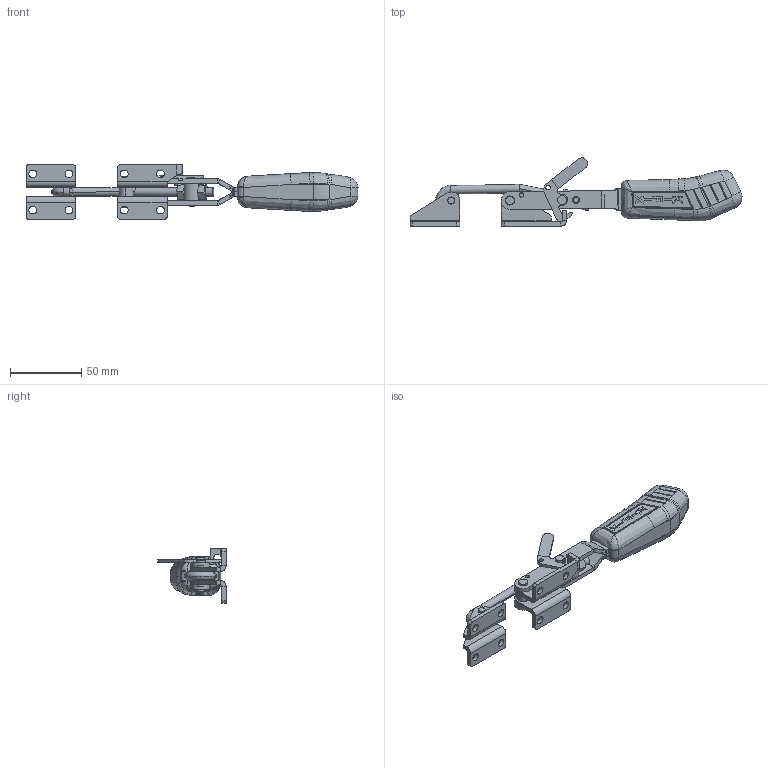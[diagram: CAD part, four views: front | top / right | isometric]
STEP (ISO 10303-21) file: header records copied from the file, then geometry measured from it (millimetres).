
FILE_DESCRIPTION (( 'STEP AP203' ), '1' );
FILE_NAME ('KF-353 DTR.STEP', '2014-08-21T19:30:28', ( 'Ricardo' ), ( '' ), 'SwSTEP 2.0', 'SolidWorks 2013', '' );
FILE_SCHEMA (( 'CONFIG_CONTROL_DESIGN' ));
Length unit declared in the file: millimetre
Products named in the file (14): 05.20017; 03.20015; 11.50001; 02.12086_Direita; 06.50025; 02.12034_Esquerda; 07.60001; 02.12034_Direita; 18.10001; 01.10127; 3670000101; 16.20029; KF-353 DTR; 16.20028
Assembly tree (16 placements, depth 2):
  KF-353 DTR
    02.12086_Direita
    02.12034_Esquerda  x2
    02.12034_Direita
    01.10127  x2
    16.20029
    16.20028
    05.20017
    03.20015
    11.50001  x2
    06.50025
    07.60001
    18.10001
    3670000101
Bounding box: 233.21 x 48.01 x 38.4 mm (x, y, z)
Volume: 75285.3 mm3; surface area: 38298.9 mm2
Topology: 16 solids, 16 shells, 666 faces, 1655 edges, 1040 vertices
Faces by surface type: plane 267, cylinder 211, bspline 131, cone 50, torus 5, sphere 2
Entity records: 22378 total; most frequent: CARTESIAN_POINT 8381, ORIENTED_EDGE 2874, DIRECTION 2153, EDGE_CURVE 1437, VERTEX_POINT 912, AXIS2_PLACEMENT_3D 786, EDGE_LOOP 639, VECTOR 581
···
• WHAT YOU ARE ASKED TO DO
Copy all the material word for word, minus its pictures.

• RESPONSE
[diagram: CAD part, four views: front | top / right | isometric]
STEP (ISO 10303-21) file: header records copied from the file, then geometry measured from it (millimetres).
FILE_DESCRIPTION (( 'STEP AP203' ), '1' );
FILE_NAME ('KF-353 DTR.STEP', '2014-08-21T19:30:28', ( 'Ricardo' ), ( '' ), 'SwSTEP 2.0', 'SolidWorks 2013', '' );
FILE_SCHEMA (( 'CONFIG_CONTROL_DESIGN' ));
Length unit declared in the file: millimetre
Products named in the file (14): 05.20017; 03.20015; 11.50001; 02.12086_Direita; 06.50025; 02.12034_Esquerda; 07.60001; 02.12034_Direita; 18.10001; 01.10127; 3670000101; 16.20029; KF-353 DTR; 16.20028
Assembly tree (16 placements, depth 2):
  KF-353 DTR
    02.12086_Direita
    02.12034_Esquerda  x2
    02.12034_Direita
    01.10127  x2
    16.20029
    16.20028
    05.20017
    03.20015
    11.50001  x2
    06.50025
    07.60001
    18.10001
    3670000101
Bounding box: 233.21 x 48.01 x 38.4 mm (x, y, z)
Volume: 75285.3 mm3; surface area: 38298.9 mm2
Topology: 16 solids, 16 shells, 666 faces, 1655 edges, 1040 vertices
Faces by surface type: plane 267, cylinder 211, bspline 131, cone 50, torus 5, sphere 2
Entity records: 22378 total; most frequent: CARTESIAN_POINT 8381, ORIENTED_EDGE 2874, DIRECTION 2153, EDGE_CURVE 1437, VERTEX_POINT 912, AXIS2_PLACEMENT_3D 786, EDGE_LOOP 639, VECTOR 581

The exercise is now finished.